What you are asked to do
Give a verbatim copy of the lines below, minus the pictures.

+++

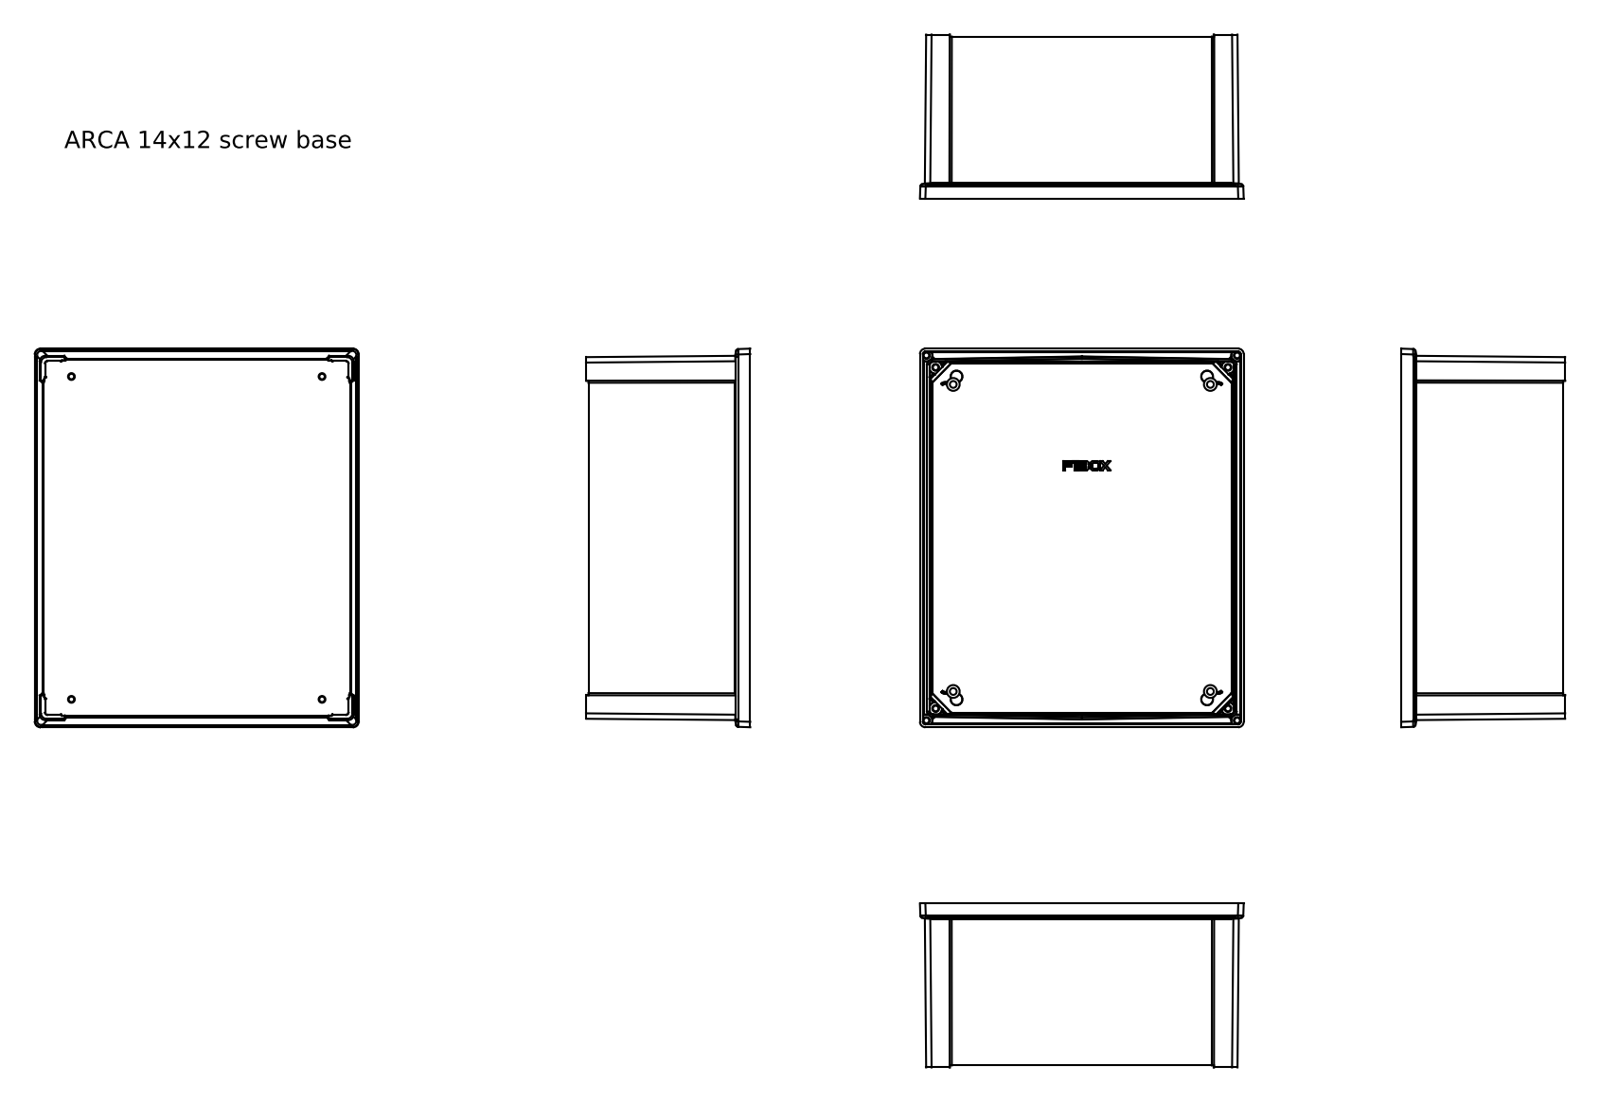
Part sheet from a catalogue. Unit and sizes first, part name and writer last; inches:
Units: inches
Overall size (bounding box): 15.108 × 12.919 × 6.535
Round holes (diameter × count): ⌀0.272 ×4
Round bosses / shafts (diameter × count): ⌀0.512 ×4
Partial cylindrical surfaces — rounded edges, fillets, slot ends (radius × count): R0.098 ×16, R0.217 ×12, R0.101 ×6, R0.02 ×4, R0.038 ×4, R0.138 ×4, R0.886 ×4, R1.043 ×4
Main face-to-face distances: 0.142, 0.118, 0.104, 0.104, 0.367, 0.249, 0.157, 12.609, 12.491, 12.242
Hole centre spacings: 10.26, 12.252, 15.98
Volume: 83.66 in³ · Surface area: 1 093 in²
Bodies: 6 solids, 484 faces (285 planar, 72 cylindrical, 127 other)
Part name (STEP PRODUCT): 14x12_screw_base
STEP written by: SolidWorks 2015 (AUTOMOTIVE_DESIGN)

+++

Exercise output
Part sheet from a catalogue. Unit and sizes first, part name and writer last; inches:
Units: inches
Overall size (bounding box): 15.108 × 12.919 × 6.535
Round holes (diameter × count): ⌀0.272 ×4
Round bosses / shafts (diameter × count): ⌀0.512 ×4
Partial cylindrical surfaces — rounded edges, fillets, slot ends (radius × count): R0.098 ×16, R0.217 ×12, R0.101 ×6, R0.02 ×4, R0.038 ×4, R0.138 ×4, R0.886 ×4, R1.043 ×4
Main face-to-face distances: 0.142, 0.118, 0.104, 0.104, 0.367, 0.249, 0.157, 12.609, 12.491, 12.242
Hole centre spacings: 10.26, 12.252, 15.98
Volume: 83.66 in³ · Surface area: 1 093 in²
Bodies: 6 solids, 484 faces (285 planar, 72 cylindrical, 127 other)
Part name (STEP PRODUCT): 14x12_screw_base
STEP written by: SolidWorks 2015 (AUTOMOTIVE_DESIGN)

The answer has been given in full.